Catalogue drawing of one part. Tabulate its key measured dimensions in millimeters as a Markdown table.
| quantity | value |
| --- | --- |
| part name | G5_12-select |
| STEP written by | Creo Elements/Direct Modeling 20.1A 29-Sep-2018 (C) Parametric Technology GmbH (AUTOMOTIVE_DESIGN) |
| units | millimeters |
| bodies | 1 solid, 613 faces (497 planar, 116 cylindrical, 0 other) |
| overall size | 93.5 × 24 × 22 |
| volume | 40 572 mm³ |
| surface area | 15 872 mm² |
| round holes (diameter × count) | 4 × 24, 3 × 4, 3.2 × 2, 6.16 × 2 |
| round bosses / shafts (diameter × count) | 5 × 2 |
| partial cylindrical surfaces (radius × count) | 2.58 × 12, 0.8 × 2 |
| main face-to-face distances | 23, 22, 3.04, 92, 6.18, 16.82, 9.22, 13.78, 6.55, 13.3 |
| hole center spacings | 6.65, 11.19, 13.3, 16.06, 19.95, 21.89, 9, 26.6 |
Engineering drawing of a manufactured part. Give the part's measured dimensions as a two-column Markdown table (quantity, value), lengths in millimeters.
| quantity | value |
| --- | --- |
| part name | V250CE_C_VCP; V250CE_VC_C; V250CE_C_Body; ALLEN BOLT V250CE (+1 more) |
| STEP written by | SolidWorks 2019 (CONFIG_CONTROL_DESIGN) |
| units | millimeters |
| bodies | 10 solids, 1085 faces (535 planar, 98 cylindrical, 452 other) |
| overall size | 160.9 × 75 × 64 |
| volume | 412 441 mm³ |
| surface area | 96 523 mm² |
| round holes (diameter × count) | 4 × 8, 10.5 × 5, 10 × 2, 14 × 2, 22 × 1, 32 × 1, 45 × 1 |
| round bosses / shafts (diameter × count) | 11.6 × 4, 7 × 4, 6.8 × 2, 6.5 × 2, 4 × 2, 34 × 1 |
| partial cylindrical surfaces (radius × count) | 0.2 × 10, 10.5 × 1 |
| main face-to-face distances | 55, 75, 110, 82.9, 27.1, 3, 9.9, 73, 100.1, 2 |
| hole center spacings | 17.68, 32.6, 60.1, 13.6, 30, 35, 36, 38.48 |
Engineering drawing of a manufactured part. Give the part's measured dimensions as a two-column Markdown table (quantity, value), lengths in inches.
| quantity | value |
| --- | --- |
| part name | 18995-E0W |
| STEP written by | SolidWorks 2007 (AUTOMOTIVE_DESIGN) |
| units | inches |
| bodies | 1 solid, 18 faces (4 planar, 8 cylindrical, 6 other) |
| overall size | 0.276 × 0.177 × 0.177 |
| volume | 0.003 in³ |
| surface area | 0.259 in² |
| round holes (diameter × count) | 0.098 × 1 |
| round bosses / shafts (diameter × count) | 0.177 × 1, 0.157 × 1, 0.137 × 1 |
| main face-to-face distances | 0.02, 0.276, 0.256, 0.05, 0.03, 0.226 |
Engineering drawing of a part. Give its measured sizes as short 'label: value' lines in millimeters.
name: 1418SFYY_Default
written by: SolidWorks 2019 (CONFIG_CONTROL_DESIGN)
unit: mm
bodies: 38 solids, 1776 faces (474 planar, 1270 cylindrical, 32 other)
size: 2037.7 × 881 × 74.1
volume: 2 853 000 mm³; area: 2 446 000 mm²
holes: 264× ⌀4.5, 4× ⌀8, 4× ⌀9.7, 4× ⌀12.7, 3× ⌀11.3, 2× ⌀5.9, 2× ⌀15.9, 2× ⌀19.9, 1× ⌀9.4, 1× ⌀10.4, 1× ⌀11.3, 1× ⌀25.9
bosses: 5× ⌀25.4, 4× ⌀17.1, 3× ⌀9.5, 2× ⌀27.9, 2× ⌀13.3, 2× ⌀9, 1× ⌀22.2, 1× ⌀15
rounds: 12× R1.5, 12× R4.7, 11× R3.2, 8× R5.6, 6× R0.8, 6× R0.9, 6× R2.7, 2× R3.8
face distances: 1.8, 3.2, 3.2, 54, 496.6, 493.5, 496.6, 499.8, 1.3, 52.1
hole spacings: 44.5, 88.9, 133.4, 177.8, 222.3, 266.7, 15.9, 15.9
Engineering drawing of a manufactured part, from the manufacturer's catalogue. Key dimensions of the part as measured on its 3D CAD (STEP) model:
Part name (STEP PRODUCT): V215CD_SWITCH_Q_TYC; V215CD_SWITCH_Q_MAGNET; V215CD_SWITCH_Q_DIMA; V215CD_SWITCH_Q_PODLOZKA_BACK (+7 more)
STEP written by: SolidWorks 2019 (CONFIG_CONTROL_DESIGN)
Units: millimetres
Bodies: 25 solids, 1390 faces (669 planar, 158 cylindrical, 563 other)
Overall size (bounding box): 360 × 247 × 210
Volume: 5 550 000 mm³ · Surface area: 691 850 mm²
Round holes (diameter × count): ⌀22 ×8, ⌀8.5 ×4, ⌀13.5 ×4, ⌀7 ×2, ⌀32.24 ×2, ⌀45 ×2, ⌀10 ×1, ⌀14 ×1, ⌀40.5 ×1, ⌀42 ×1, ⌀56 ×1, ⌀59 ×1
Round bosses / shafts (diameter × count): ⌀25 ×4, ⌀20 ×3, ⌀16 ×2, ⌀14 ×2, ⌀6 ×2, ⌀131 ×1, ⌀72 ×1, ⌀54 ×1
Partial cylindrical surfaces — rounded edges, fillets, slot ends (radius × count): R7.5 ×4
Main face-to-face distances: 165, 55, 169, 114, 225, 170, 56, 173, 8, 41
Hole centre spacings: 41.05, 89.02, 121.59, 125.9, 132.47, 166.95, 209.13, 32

Task brief: Would you print each line of the material exactly?

Expected answer:
Catalogue drawing of one part. Tabulate its key measured dimensions in millimeters as a Markdown table.
| quantity | value |
| --- | --- |
| part name | G5_12-select |
| STEP written by | Creo Elements/Direct Modeling 20.1A 29-Sep-2018 (C) Parametric Technology GmbH (AUTOMOTIVE_DESIGN) |
| units | millimeters |
| bodies | 1 solid, 613 faces (497 planar, 116 cylindrical, 0 other) |
| overall size | 93.5 × 24 × 22 |
| volume | 40 572 mm³ |
| surface area | 15 872 mm² |
| round holes (diameter × count) | 4 × 24, 3 × 4, 3.2 × 2, 6.16 × 2 |
| round bosses / shafts (diameter × count) | 5 × 2 |
| partial cylindrical surfaces (radius × count) | 2.58 × 12, 0.8 × 2 |
| main face-to-face distances | 23, 22, 3.04, 92, 6.18, 16.82, 9.22, 13.78, 6.55, 13.3 |
| hole center spacings | 6.65, 11.19, 13.3, 16.06, 19.95, 21.89, 9, 26.6 |
Engineering drawing of a manufactured part. Give the part's measured dimensions as a two-column Markdown table (quantity, value), lengths in millimeters.
| quantity | value |
| --- | --- |
| part name | V250CE_C_VCP; V250CE_VC_C; V250CE_C_Body; ALLEN BOLT V250CE (+1 more) |
| STEP written by | SolidWorks 2019 (CONFIG_CONTROL_DESIGN) |
| units | millimeters |
| bodies | 10 solids, 1085 faces (535 planar, 98 cylindrical, 452 other) |
| overall size | 160.9 × 75 × 64 |
| volume | 412 441 mm³ |
| surface area | 96 523 mm² |
| round holes (diameter × count) | 4 × 8, 10.5 × 5, 10 × 2, 14 × 2, 22 × 1, 32 × 1, 45 × 1 |
| round bosses / shafts (diameter × count) | 11.6 × 4, 7 × 4, 6.8 × 2, 6.5 × 2, 4 × 2, 34 × 1 |
| partial cylindrical surfaces (radius × count) | 0.2 × 10, 10.5 × 1 |
| main face-to-face distances | 55, 75, 110, 82.9, 27.1, 3, 9.9, 73, 100.1, 2 |
| hole center spacings | 17.68, 32.6, 60.1, 13.6, 30, 35, 36, 38.48 |
Engineering drawing of a manufactured part. Give the part's measured dimensions as a two-column Markdown table (quantity, value), lengths in inches.
| quantity | value |
| --- | --- |
| part name | 18995-E0W |
| STEP written by | SolidWorks 2007 (AUTOMOTIVE_DESIGN) |
| units | inches |
| bodies | 1 solid, 18 faces (4 planar, 8 cylindrical, 6 other) |
| overall size | 0.276 × 0.177 × 0.177 |
| volume | 0.003 in³ |
| surface area | 0.259 in² |
| round holes (diameter × count) | 0.098 × 1 |
| round bosses / shafts (diameter × count) | 0.177 × 1, 0.157 × 1, 0.137 × 1 |
| main face-to-face distances | 0.02, 0.276, 0.256, 0.05, 0.03, 0.226 |
Engineering drawing of a part. Give its measured sizes as short 'label: value' lines in millimeters.
name: 1418SFYY_Default
written by: SolidWorks 2019 (CONFIG_CONTROL_DESIGN)
unit: mm
bodies: 38 solids, 1776 faces (474 planar, 1270 cylindrical, 32 other)
size: 2037.7 × 881 × 74.1
volume: 2 853 000 mm³; area: 2 446 000 mm²
holes: 264× ⌀4.5, 4× ⌀8, 4× ⌀9.7, 4× ⌀12.7, 3× ⌀11.3, 2× ⌀5.9, 2× ⌀15.9, 2× ⌀19.9, 1× ⌀9.4, 1× ⌀10.4, 1× ⌀11.3, 1× ⌀25.9
bosses: 5× ⌀25.4, 4× ⌀17.1, 3× ⌀9.5, 2× ⌀27.9, 2× ⌀13.3, 2× ⌀9, 1× ⌀22.2, 1× ⌀15
rounds: 12× R1.5, 12× R4.7, 11× R3.2, 8× R5.6, 6× R0.8, 6× R0.9, 6× R2.7, 2× R3.8
face distances: 1.8, 3.2, 3.2, 54, 496.6, 493.5, 496.6, 499.8, 1.3, 52.1
hole spacings: 44.5, 88.9, 133.4, 177.8, 222.3, 266.7, 15.9, 15.9
Engineering drawing of a manufactured part, from the manufacturer's catalogue. Key dimensions of the part as measured on its 3D CAD (STEP) model:
Part name (STEP PRODUCT): V215CD_SWITCH_Q_TYC; V215CD_SWITCH_Q_MAGNET; V215CD_SWITCH_Q_DIMA; V215CD_SWITCH_Q_PODLOZKA_BACK (+7 more)
STEP written by: SolidWorks 2019 (CONFIG_CONTROL_DESIGN)
Units: millimetres
Bodies: 25 solids, 1390 faces (669 planar, 158 cylindrical, 563 other)
Overall size (bounding box): 360 × 247 × 210
Volume: 5 550 000 mm³ · Surface area: 691 850 mm²
Round holes (diameter × count): ⌀22 ×8, ⌀8.5 ×4, ⌀13.5 ×4, ⌀7 ×2, ⌀32.24 ×2, ⌀45 ×2, ⌀10 ×1, ⌀14 ×1, ⌀40.5 ×1, ⌀42 ×1, ⌀56 ×1, ⌀59 ×1
Round bosses / shafts (diameter × count): ⌀25 ×4, ⌀20 ×3, ⌀16 ×2, ⌀14 ×2, ⌀6 ×2, ⌀131 ×1, ⌀72 ×1, ⌀54 ×1
Partial cylindrical surfaces — rounded edges, fillets, slot ends (radius × count): R7.5 ×4
Main face-to-face distances: 165, 55, 169, 114, 225, 170, 56, 173, 8, 41
Hole centre spacings: 41.05, 89.02, 121.59, 125.9, 132.47, 166.95, 209.13, 32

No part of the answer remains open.